The freedom to marry: Keep dancing

The freedom to marry: Keep dancing | Advocate.com

Evan Wolfson, executive director of Freedom to Marry, has a great piece online about last week’s marriage decision in New York. An excerpt:

In fact, the plurality’s strained rationalizing of the discriminatory exclusion fails on its own terms.

New York’s ruling came just a week after the Arkansas supreme court unanimously rejected precisely the same proffered rationale; unlike the four-member majority of New York’s highest court, the judges in Arkansas (!) instead relied on the evidence provided by experts in child welfare. That evidence was, of course, available to the New York judges. Institutions such as the American Psychological Association, the National Association of Social Workers, the American Psychiatric Association, the Association to Benefit Children, and the American Academy of Matrimonial Lawyers, among other authorities, submitted briefs to the court calling for an end to marriage discrimination in the interest of children and families.

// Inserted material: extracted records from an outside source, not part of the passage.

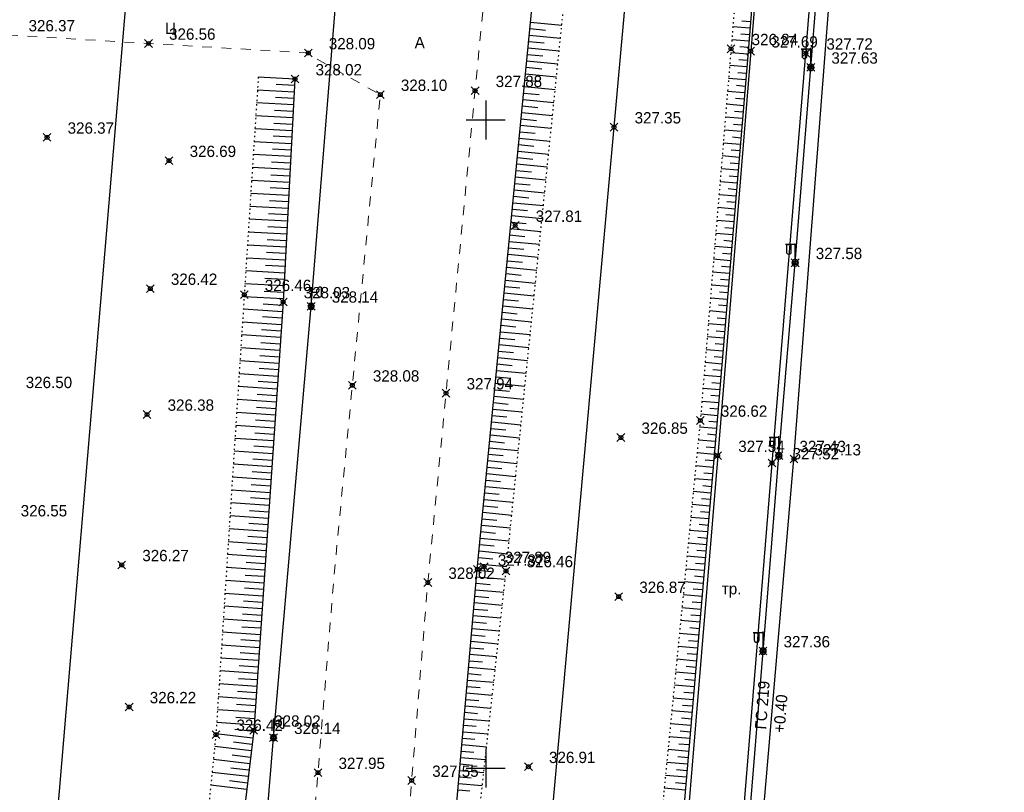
# Model space of a CAD drawing. Header units: metres. Extents: x 703615 to 712205, y 4306166 to 4311183.
# Tile 250 of 256: x 708243 to 708318, y 4309980 to 4310039. Entities that reach past the tile are written whole.
import ezdxf

# ---------------------------------------------------------------- set-up
doc = ezdxf.new("R2010")
doc.units = ezdxf.units.M
doc.header["$LTSCALE"] = 0.5
doc.header["$PDMODE"] = 35
doc.header["$PDSIZE"] = 0.3
for name, pattern in [('Auto_Street_NotBorder_Line_m1', [3, 1.5, -1.5]), ('ДОРОГИ_СТРОЯЩ', [9, 8, -1]), ('Контура низ откосов  Штриховая 0.1-0.5 - - - - - - -', [0.6, 0.1, -0.5])]:
    doc.linetypes.add(name, pattern=pattern)
for name, color, linetype in [('(001) Сетка', 92, 'Continuous'), ('(004) Точки рельефа', 7, 'Continuous'), ('(013) Газ', 30, 'ИК_Газопровод -------г--------'), ('(016) Кабель', 1, 'Continuous'), ('(019) Связь', 3, 'ИК_КАБ_СВЯЗИ'), ('(022) Возд. Линии', 7, 'Continuous'), ('(025) Дорога', 7, 'Continuous'), ('(035) Откосы', 7, 'Continuous')]:
    doc.layers.add(name, color=color, linetype=linetype)
doc.layers.add('AUTO#_ROADS_EXIST_L', color=7, linetype='Continuous', lineweight=15, true_color=0x000000)
doc.styles.add('BM-431', font='txt')
doc.styles.add('D-431', font='txt')
doc.styles.add('S', font='txtwr', dxfattribs={"oblique": 15})
doc.styles.get("Standard").update_dxf_attribs({"font": 'times.ttf'})
doc.linetypes.add('GAZ_VOZDUSH', pattern='A,1,-2,["~",Standard,S=3,R=0,X=-1.5,Y=-1.5],-1,10', length=14)
doc.linetypes.add('ИК_Газопровод -------г--------', pattern='A,9,-0.6,["Г",Standard,S=1.2,R=0,X=0,Y=-0.6],-1.2', length=10.8)
doc.linetypes.add('ИК_КАБ_СВЯЗИ', pattern='A,4,["o",Standard,S=0.5,R=0,X=0,Y=-0.125],4,-2', length=10)
doc.linetypes.add('ИК_Э_КАБ_НН', pattern='A,8,-2,["<",Standard,S=1,R=0,X=0,Y=-0.5],8,[">",Standard,S=1,R=0,X=-0.5,Y=-0.5],-2', length=20)

# ---------------------------------------------------------------- blocks, each defined once
blk = doc.blocks.new('U1111')
for p, q in [((0.1, 0.45), (0.1, 2.95)), ((0.1, 2.2), (0.85, 2.2)), ((1.28934, 2.95), (0.85, 2.51066)), ((0.85, 2.51066), (0.85, 1.88934)), ((0.85, 1.88934), (1.28934, 1.45)), ((1.6, 2.95), (1.28934, 2.95)), ((1.6, 2.95), (1.6, 1.45)), ((0, 0.05), (0.1, 0.05)), ((0, -0.05), (0, 0.05)), ((0.1, 0.05), (0.1, -0.05)), ((1.28934, 1.45), (1.6, 1.45)), ((0.1, -0.05), (0, -0.05))]:
    blk.add_line(p, q)
blk.add_lwpolyline([(0.55, 0), (0.3, 0.433013), (-0.2, 0.433013), (-0.45, 0), (-0.2, -0.433013), (0.3, -0.433013)], close=True)
at = {"color": 4, "style": 'S', "oblique": 15}
blk.add_attdef('Z', (1.142936, -1.391276), '', height=2, dxfattribs=at)
blk = doc.blocks.new('f')
at = {"layer": '(022) Возд. Линии'}
for points in [[(0, 0.25), (0, 1.5)], [(0, 1.4), (0.75, 1.4)]]:
    blk.add_lwpolyline(points, dxfattribs=at)
blk.add_lwpolyline([(0.4875, 0.65), (0.4875, 0.65, 0.4142136), (0.65, 0.8125), (0.65, 1.4), (0.325, 1.4), (0.325, 0.8125, 0.4142136)], format="xyb", close=True, dxfattribs=at)
blk.add_circle((0, 0), 0.25, dxfattribs=at)
blk = doc.blocks.new('Setka')
at = {"layer": '(001) Сетка'}
for p, q in [((0, 1.5), (0, -1.5)), ((-1.5, 0), (1.5, 0))]:
    blk.add_line(p, q, dxfattribs=at)

msp = doc.modelspace()

# ---------------------------------------------------------------- linework, layer by layer
at = {"layer": '(013) Газ', "linetype": 'GAZ_VOZDUSH', "elevation": 325.111, "flags": 128}
msp.add_lwpolyline([(708293.165, 4309888.333), (708293.434, 4309892.819), (708297.716, 4309952.735), (708299.668, 4309975.352), (708302.24, 4310005.239), (708309.527, 4310099.735), (708316.081, 4310172.219), (708316.824, 4310184.222), (708322.062, 4310238.184), (708325.306, 4310270.621), (708325.824, 4310282.589), (708330.36, 4310335.873), (708333.801, 4310369.809), (708336.798, 4310397.689), (708339.728, 4310444.647), (708351.364, 4310581.809), (708352.677, 4310593.824)], dxfattribs=at)
at = {"layer": '(016) Кабель', "linetype": 'ИК_Э_КАБ_НН', "flags": 128}
for points, elevation in [([(708148.162, 4308651.703), (708151.497, 4308692.413), (708155.946, 4308744.121), (708160.092, 4308792.083), (708165.82, 4308866.029), (708169.045, 4308905.959), (708172.399, 4308947.612), (708175.762, 4308988.142), (708178.982, 4309025.586), (708182.201, 4309063.201), (708185.813, 4309103.866), (708189.128, 4309144.32), (708192.281, 4309183.205), (708195.859, 4309224.798), (708198.741, 4309260.796), (708202.87, 4309309.735), (708206.45, 4309354.347), (708209.623, 4309392.715), (708213.998, 4309431.241), (708217.888, 4309470.551), (708222.285, 4309519.973), (708227.646, 4309584.985), (708230.7, 4309620.035), (708233.599, 4309650.662), (708236.608, 4309686.642), (708239.917, 4309725.258), (708242.964, 4309758.871), (708245.88, 4309791.491), (708249.037, 4309830.224), (708251.639, 4309862.09), (708254.553, 4309895.438), (708258.525, 4309939.873), (708262.105, 4309983.745), (708265.007, 4310017.023), (708267.691, 4310050.026), (708270.438, 4310083.372), (708274.286, 4310124.617), (708277.622, 4310164.745), (708280.245, 4310192.848), (708282.134, 4310214.069), (708285.192, 4310249.54), (708287.519, 4310279.257), (708289.716, 4310303.87), (708292.577, 4310337.274), (708295.609, 4310373.419), (708298.169, 4310403.778), (708301.105, 4310436.102), (708303.908, 4310468.222), (708306.247, 4310494.557), (708309.271, 4310529.231), (708312.329, 4310564.702), (708314.656, 4310594.419), (708316.853, 4310619.032), (708319.714, 4310652.436), (708322.746, 4310688.581), (708325.306, 4310718.94), (708328.242, 4310751.264), (708331.045, 4310783.384), (708331.607, 4310789.716), (708333.7, 4310812.99), (708337.044, 4310851.183), (708340.044, 4310884.75)], 325.947), ([(708249.985, 4309448.254), (708250.82, 4309461.228), (708251.559, 4309472.595), (708252.37, 4309485.216), (708253.053, 4309496.006), (708253.787, 4309508.813), (708254.637, 4309521.637), (708255.635, 4309538.104), (708256.598, 4309553.522), (708257.467, 4309567.873), (708258.354, 4309582.746), (708259.411, 4309598.842), (708260.336, 4309614.66), (708261.397, 4309630.444), (708264.541, 4309650.757), (708266.176, 4309665.809), (708267.362, 4309680.25), (708268.374, 4309695.795), (708269.845, 4309708.973), (708271.828, 4309722.112), (708273.674, 4309736.299), (708275.505, 4309750.056), (708277.38, 4309764.169), (708281.752, 4309793.372), (708283.598, 4309807.831), (708285.41, 4309822.081), (708287.069, 4309840.641), (708288.446, 4309855.733), (708289.84, 4309870.633), (708291.182, 4309885.312), (708292.537, 4309900.559), (708294.032, 4309916.058), (708295.507, 4309930.435), (708296.078, 4309944.839), (708297.37, 4309960.078), (708298.657, 4309975.432), (708299.851, 4309990.429), (708301.076, 4310005.494), (708302.334, 4310020.38), (708303.538, 4310035.456), (708306.01, 4310065.799), (708308.439, 4310096.035), (708310.925, 4310126.293), (708314.819, 4310172.204), (708316.066, 4310188.572), (708317.423, 4310204.653), (708318.736, 4310219.739), (708319.999, 4310234.38), (708321.351, 4310251.404), (708322.651, 4310267.033), (708323.922, 4310281.675), (708325.202, 4310294.856), (708326.515, 4310309.658), (708327.984, 4310325.438), (708329.163, 4310339.642), (708330.365, 4310354.664), (708331.555, 4310369.683), (708332.679, 4310383.855), (708333.897, 4310399.486), (708335.115, 4310414.632), (708336.225, 4310429.516), (708337.469, 4310444.596), (708338.545, 4310458.92), (708339.663, 4310474.152), (708340.941, 4310489.457), (708342.079, 4310504.503), (708343.178, 4310519.207), (708344.309, 4310533.966), (708345.452, 4310549.009), (708346.637, 4310563.701), (708347.806, 4310578.667), (708349.626, 4310594.212), (708351.153, 4310608.621), (708352.719, 4310623.441), (708355.709, 4310653.818), (708356.969, 4310668.51), (708358.286, 4310683.336), (708359.517, 4310698.096), (708360.786, 4310713.241), (708362.123, 4310728.187), (708363.033, 4310739.626), (708364.289, 4310753.037), (708365.798, 4310768.681), (708367.145, 4310784.563), (708368.419, 4310800.656), (708369.713, 4310816.346), (708373.887, 4310867.757)], 326.892)]:
    msp.add_lwpolyline(points, dxfattribs=dict(at, elevation=elevation))
at = {"layer": '(019) Связь', "flags": 128}
for points, elevation in [([(708317.145, 4310790.996), (708301.016, 4310609.687), (708256.741, 4310111.973), (708241.57, 4309932.293), (708189.214, 4309312.333), (708166.334, 4308981.07), (708160.318, 4308915.535), (708146.619, 4308758.228), (708137.034, 4308632.496), (708137.034, 4308632.496), (708137.034, 4308632.496), (708136.895, 4308567.223), (708136.888, 4308563.897)], 324.811), ([(708153.006, 4308571.818), (708156.993, 4308609.509), (708156.993, 4308609.509), (708174.147, 4308666.959), (708174.323, 4308670.733), (708195.362, 4308919.928), (708204.073, 4309029.859), (708218.911, 4309205.253), (708226.164, 4309224.91), (708236.601, 4309425.449), (708237.563, 4309445.941), (708241.532, 4309518.706), (708251.542, 4309611.078), (708253.161, 4309631.293), (708257.428, 4309700.42), (708258.881, 4309712.256), (708269.326, 4309836.622), (708270.394, 4309849.381), (708278.265, 4309932.284), (708280.616, 4309944.696), (708295.324, 4310108.263), (708303.766, 4310173.623), (708303.348, 4310191.009), (708305.187, 4310238.893), (708306.696, 4310249.894), (708308.615, 4310273.087), (708309.889, 4310281.813), (708320.552, 4310401.57), (708321.594, 4310412.943), (708336.888, 4310582.457), (708345.287, 4310694.486), (708346.981, 4310695.558), (708355.083, 4310696.931), (708358.134, 4310696.437)], 325.726)]:
    msp.add_lwpolyline(points, dxfattribs=dict(at, elevation=elevation))
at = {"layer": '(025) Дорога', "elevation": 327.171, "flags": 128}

And the very week of the New York decision, the American Academy of Pediatrics weighed in once again with an authoritative statement titled “The Effects of Marriage, Civil Union, and Domestic Partnership Laws on the Health and Well-being of Children” (see the academy’s full analysis on www.freedomtomarry.org). The nation’s kids’ doctors know best—and here’s what they said:

“There is ample evidence to show that children raised by same-gender parents fare as well as those raised by heterosexual parents. More than 25 years of research have documented that there is no relationship between parents’ sexual orientation and any measure of a child’s emotional, psychosocial, and behavioral adjustment. These data have demonstrated no risk to children as a result of growing up in a family with one or more gay parents. Conscientious and nurturing adults, whether they are men or women, heterosexual or homosexual, can be excellent parents. The rights, benefits, and protections of civil marriage can further strengthen these families.”

Not only was this evidence, this kind of careful consideration of what truly helps couples and kids missing from the New York plurality opinion, so was any actual logical connection between the ends ostensibly sought (promoting stability, helping children) and the means chosen (denying that stability and help to others).

“The silver lining of the decision,” he writes, “is, ironically, its thinness, illogic, and refusal to consider the lives of real people, including gay families, and the real meaning of the denial of the human experience that is marriage. While the dissent makes a convincing legal and moral case, the plurality and concurring opinions will present no impediment to a court or decision-maker wanting to do what is right and willing to apply real scrutiny to a constitutional and moral wrong.

LA Times Editorial

The Los Angeles Times today has an editorial: “Setback for marriage justice – New York and Georgia courts will be on the wrong side of history of gay marriage.”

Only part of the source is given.